I have a 5 acre property in the country.
Flock 1: Ducks - I had an electric poultry net fence. The battery died while I was at work. Fox had a gourmet meal.
Flock 2: Chickens (smarter than ducks, supposedly) After the 2nd year with them and no further predator attacks, I free ranged this flock. There is nothing more beautiful and soothing, in my opinion, than content hens clucking and scratching along the shrubbery. Then I cam home from work one day to a massacre. 14 dead hens, feather and bodies scattered from one end of my property to the other. 3 missing hens I never did find. 4 survivors who took shelter in my garage.
Flock 3: That was the end of unsupervised free range. I built a 2nd and larger run onto my chicken coop - about 50x100, I surrounded it with 6 foot chain link fence my brother had salvaged from a job. I set my alarm on my phone to go off 30 minutes before sunset so I could make sure they were shut in. I got some new chicks. Things seemed to be fine for about a year or so. Then I noticed missing eggs. Then I came out one evening to find a racoon in the coop. Then I came home to a puff of feathers (raptor of some sort). Then another puff of feathers. Then a half eaten carcass (coon) . So I bought bird netting. It worked for a bit, but those coons are like water. They will find a way. By the end of that next year, I was down to 3 hens again.
Flock 4: I tore down the 50x100 foot run and confined them back to the original run (12x12). I got a few more chicks. I took that chain link fence, and I put it ON TOP of my run. I put down a chain link dig skirt. I sealed up any point of entrance I could find. I went through 10 bags of zip ties, sealing up any gaps where the chain link overlapped. I fine tooth combed that run. It worked for about 3 years. I could finally relax and not go into hyper attack mode any time I heard a chicken squawk. (yes, chicken keeping with predators is a constant state of fight or flight for the chicken keeper

) Then the eggs started disappearing again. I thought I had an egg eating hen, so I put out more oyster shell. The hens were acting skittish. I put out a game camera...nothing. Then I came out one evening to find a coon in the coop again. NO CLUE how it got in to this day. I moved the game camera. no luck. Then I came home to a coon in my coop eating a broody hen while she was on her nest. That was it. I rehomed my last hens, and took a break for about 5 years.

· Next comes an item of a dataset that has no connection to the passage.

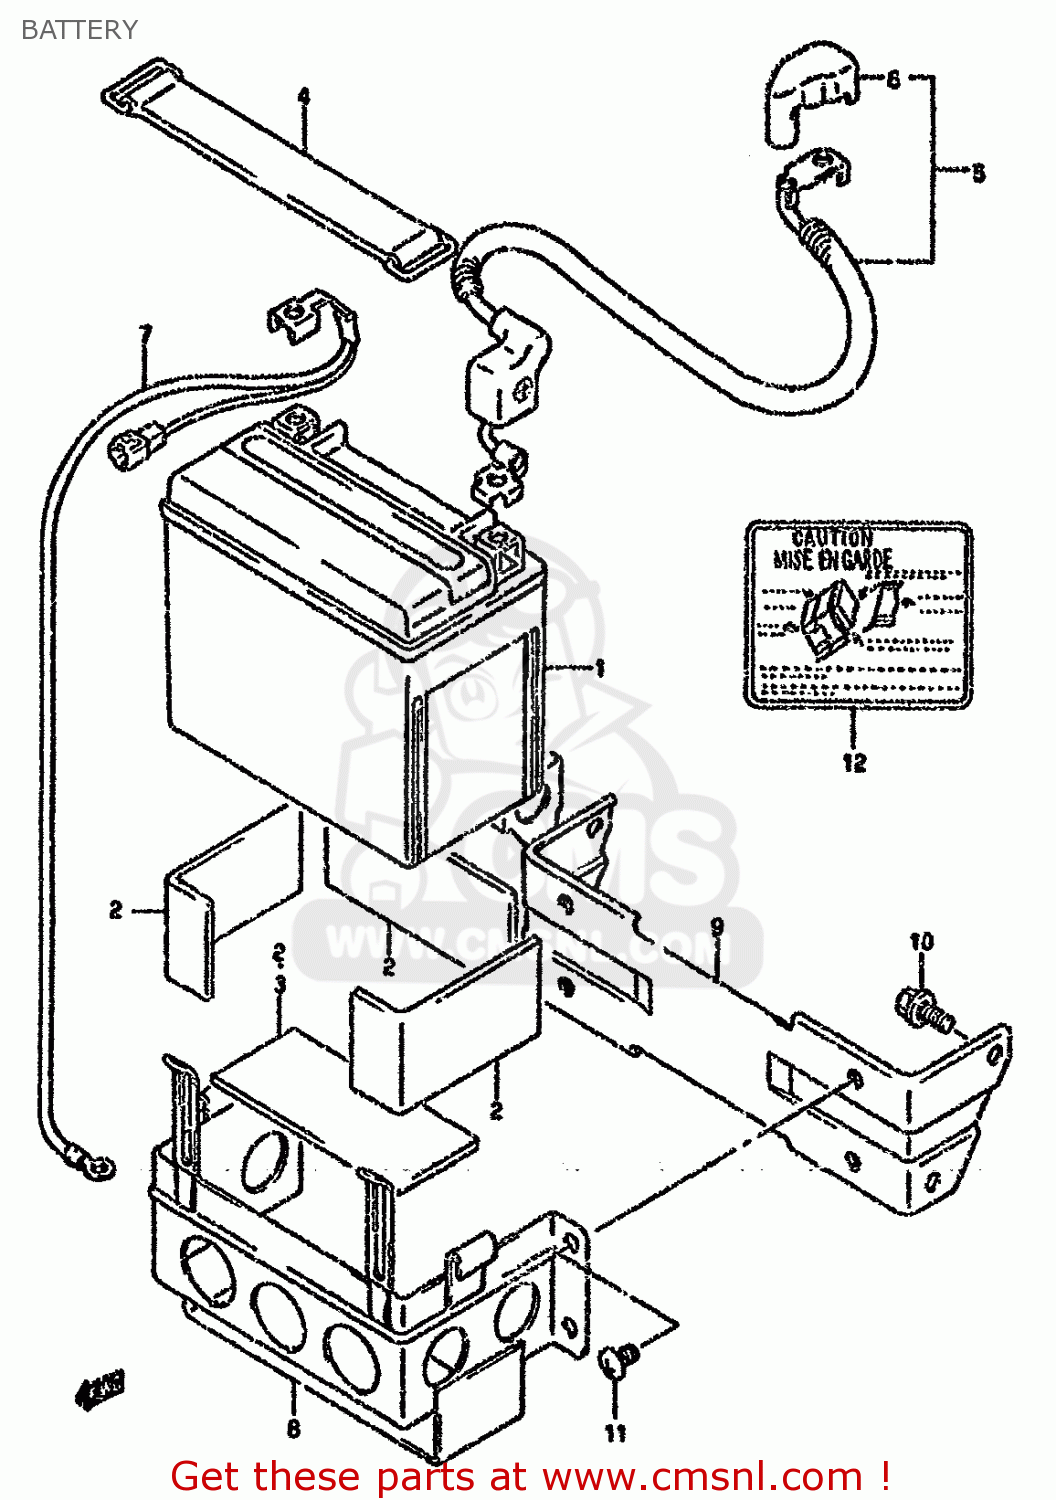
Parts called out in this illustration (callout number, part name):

Flock 5: Present Day - I said if I did this again, I was starting from scratch and building fort knox. I have built it. My hens will not wander. I don't want them to even view the door as something they want go through. They have 10 X 20 feet in the run, and I've added several outside perches to increase usable space for them. Plus they have the coop. Also, we have waterfowl in the area, and I'd rather not take chances with HPAI.